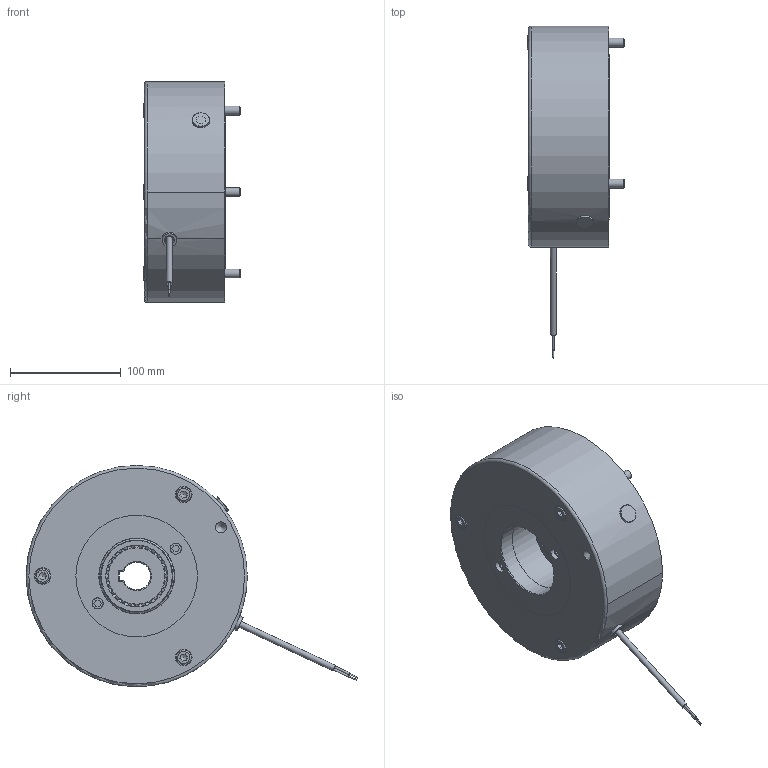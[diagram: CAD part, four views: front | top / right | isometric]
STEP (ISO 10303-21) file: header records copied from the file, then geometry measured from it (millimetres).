
FILE_DESCRIPTION(/* description */ (''),/* implementation_level */ '2;1');
FILE_NAME(/* name */ 'C:\SapWorkDir\Inventor\IP1\ConvertTempPath\5028807_IPT_000.ipt.stp',/* time_stamp */ '2020-09-18T13:30:55+02:00',/* author */ ('STRATE'),/* organization */ (''),/* preprocessor_version */ 'ST-DEVELOPER v17',/* originating_system */ 'Autodesk Inventor 2018',/* authorisation */ '');
FILE_SCHEMA (('AUTOMOTIVE_DESIGN { 1 0 10303 214 3 1 1 }'));
Length unit declared in the file: millimetre
Products named in the file (1): 5028807
Bounding box: 88 x 299.97 x 199.96 mm (x, y, z)
Volume: 1923711.3 mm3; surface area: 244673.7 mm2
Topology: 3 solids, 3 shells, 483 faces, 1344 edges, 915 vertices
Faces by surface type: cylinder 276, plane 109, cone 77, torus 21
Full cylindrical faces by diameter (mm): 0.01 x1, 1 x2, 1.85 x2, 5 x1, 5.3 x1, 7 x1, 7.6 x1, 8 x7, 8.2 x3, 8.3 x2, 8.5 x1, 8.6 x3, 10 x6, 10.106 x2, 11 x2, 13 x5, 13.2 x1, 13.9 x3, 15 x3, 16 x1, 68 x1, 70 x1, 70.2 x1, 103.8 x2, 104.1 x2, 110 x1, 149 x1, 185 x1, 189 x1, 196.4 x1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
Entity records: 17283 total; most frequent: CARTESIAN_POINT 4000, DIRECTION 2728, ORIENTED_EDGE 2684, EDGE_CURVE 1342, AXIS2_PLACEMENT_3D 1159, VERTEX_POINT 915, CIRCLE 675, EDGE_LOOP 563
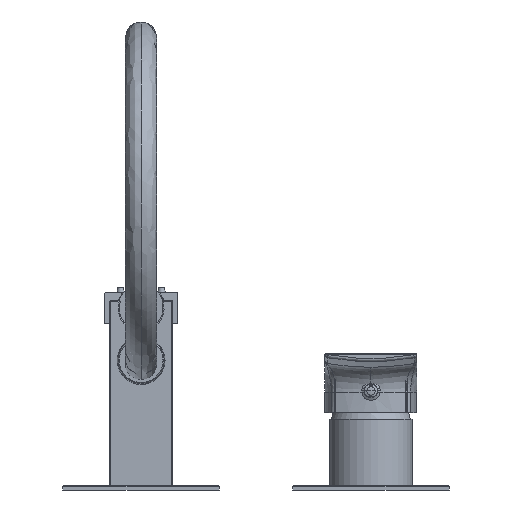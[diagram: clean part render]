
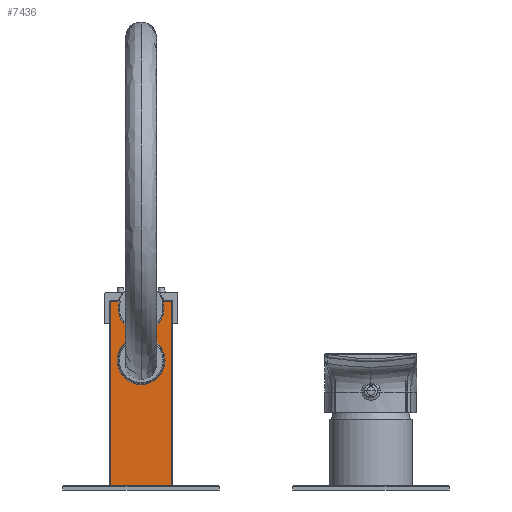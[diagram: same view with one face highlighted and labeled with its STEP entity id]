
A CAD part, front view. The second image highlights one B-rep face of the part: STEP entity #7436.
In plain terms, the highlighted planar face has unit normal (0, -1, 0).
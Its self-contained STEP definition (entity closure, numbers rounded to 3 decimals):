
#1717=DIRECTION('',(0.,0.,1.));
#1718=VECTOR('',#1717,88.1);
#1719=CARTESIAN_POINT('',(-126.5,-13.,45.7));
#1720=LINE('',#1719,#1718);
#1721=DIRECTION('',(-1.,0.,0.));
#1722=VECTOR('',#1721,3.942);
#1723=CARTESIAN_POINT('',(-122.558,-13.,133.8));
#1724=LINE('',#1723,#1722);
#1725=CARTESIAN_POINT('',(-112.,-13.,130.7));
#1726=DIRECTION('',(0.,1.,0.));
#1727=DIRECTION('',(0.959,0.,0.283));
#1728=AXIS2_PLACEMENT_3D('',#1725,#1726,#1727);
#1730=DIRECTION('',(-1.,0.,0.));
#1731=VECTOR('',#1730,3.945);
#1732=CARTESIAN_POINT('',(-97.5,-13.,133.809));
#1733=LINE('',#1732,#1731);
#1734=DIRECTION('',(0.,0.,-1.));
#1735=VECTOR('',#1734,88.109);
#1736=CARTESIAN_POINT('',(-97.5,-13.,133.809));
#1737=LINE('',#1736,#1735);
#1738=DIRECTION('',(-1.,0.,0.));
#1739=VECTOR('',#1738,29.);
#1740=CARTESIAN_POINT('',(-97.5,-13.,45.7));
#1741=LINE('',#1740,#1739);
#1882=CARTESIAN_POINT('',(-112.,-13.,105.7));
#1883=DIRECTION('',(0.,-1.,0.));
#1884=DIRECTION('',(0.,0.,-1.));
#1885=AXIS2_PLACEMENT_3D('',#1882,#1883,#1884);
#1892=CARTESIAN_POINT('',(-112.,-13.,105.7));
#1893=DIRECTION('',(0.,-1.,0.));
#1894=DIRECTION('',(0.,0.,1.));
#1895=AXIS2_PLACEMENT_3D('',#1892,#1893,#1894);
#5314=CARTESIAN_POINT('',(-97.5,-13.,133.809));
#5315=VERTEX_POINT('',#5314);
#5316=CARTESIAN_POINT('',(-101.445,-13.,133.809));
#5317=VERTEX_POINT('',#5316);
#5320=CARTESIAN_POINT('',(-122.558,-13.,133.8));
#5321=VERTEX_POINT('',#5320);
#5324=CARTESIAN_POINT('',(-126.5,-13.,133.8));
#5325=VERTEX_POINT('',#5324);
#5372=CARTESIAN_POINT('',(-97.5,-13.,45.7));
#5373=CARTESIAN_POINT('',(-126.5,-13.,45.7));
#5374=VERTEX_POINT('',#5372);
#5375=VERTEX_POINT('',#5373);
#6239=CARTESIAN_POINT('',(-112.,-13.,94.242));
#6240=CARTESIAN_POINT('',(-112.,-13.,117.158));
#6241=VERTEX_POINT('',#6239);
#6242=VERTEX_POINT('',#6240);
#7413=CARTESIAN_POINT('',(-127.,-13.,150.7));
#7414=DIRECTION('',(0.,1.,0.));
#7415=DIRECTION('',(0.,0.,-1.));
#7416=AXIS2_PLACEMENT_3D('',#7413,#7414,#7415);
#7417=PLANE('',#7416);
#7419=ORIENTED_EDGE('',*,*,#7418,.T.);
#7420=ORIENTED_EDGE('',*,*,#7403,.F.);
#7422=ORIENTED_EDGE('',*,*,#7421,.F.);
#7424=ORIENTED_EDGE('',*,*,#7423,.F.);
#7426=ORIENTED_EDGE('',*,*,#7425,.T.);
#7427=ORIENTED_EDGE('',*,*,#7193,.T.);
#7428=EDGE_LOOP('',(#7419,#7420,#7422,#7424,#7426,#7427));
#7429=FACE_OUTER_BOUND('',#7428,.F.);
#7431=ORIENTED_EDGE('',*,*,#7430,.T.);
#7433=ORIENTED_EDGE('',*,*,#7432,.T.);
#7434=EDGE_LOOP('',(#7431,#7433));
#7435=FACE_BOUND('',#7434,.F.);
#7436=ADVANCED_FACE('',(#7429,#7435),#7417,.F.);
#1729=CIRCLE('',#1728,11.004);
#1886=CIRCLE('',#1885,11.458);
#1896=CIRCLE('',#1895,11.458);
#7193=EDGE_CURVE('',#5374,#5375,#1741,.T.);
#7403=EDGE_CURVE('',#5321,#5325,#1724,.T.);
#7418=EDGE_CURVE('',#5375,#5325,#1720,.T.);
#7421=EDGE_CURVE('',#5317,#5321,#1729,.T.);
#7423=EDGE_CURVE('',#5315,#5317,#1733,.T.);
#7425=EDGE_CURVE('',#5315,#5374,#1737,.T.);
#7430=EDGE_CURVE('',#6241,#6242,#1886,.T.);
#7432=EDGE_CURVE('',#6242,#6241,#1896,.T.);

=-=-=-=-=

→ **Your goal**:
From the material above, set down exactly the lines between the line holding "#1719=CARTESIAN_POINT('',(-126.5,-13.,45.7));" and the line holding "#1882=CARTESIAN_POINT('',(-112.,-13.,105.7));", inclusive. Include nothing else.

→ **Answer to this exercise**:
#1719=CARTESIAN_POINT('',(-126.5,-13.,45.7));
#1720=LINE('',#1719,#1718);
#1721=DIRECTION('',(-1.,0.,0.));
#1722=VECTOR('',#1721,3.942);
#1723=CARTESIAN_POINT('',(-122.558,-13.,133.8));
#1724=LINE('',#1723,#1722);
#1725=CARTESIAN_POINT('',(-112.,-13.,130.7));
#1726=DIRECTION('',(0.,1.,0.));
#1727=DIRECTION('',(0.959,0.,0.283));
#1728=AXIS2_PLACEMENT_3D('',#1725,#1726,#1727);
#1730=DIRECTION('',(-1.,0.,0.));
#1731=VECTOR('',#1730,3.945);
#1732=CARTESIAN_POINT('',(-97.5,-13.,133.809));
#1733=LINE('',#1732,#1731);
#1734=DIRECTION('',(0.,0.,-1.));
#1735=VECTOR('',#1734,88.109);
#1736=CARTESIAN_POINT('',(-97.5,-13.,133.809));
#1737=LINE('',#1736,#1735);
#1738=DIRECTION('',(-1.,0.,0.));
#1739=VECTOR('',#1738,29.);
#1740=CARTESIAN_POINT('',(-97.5,-13.,45.7));
#1741=LINE('',#1740,#1739);
#1882=CARTESIAN_POINT('',(-112.,-13.,105.7));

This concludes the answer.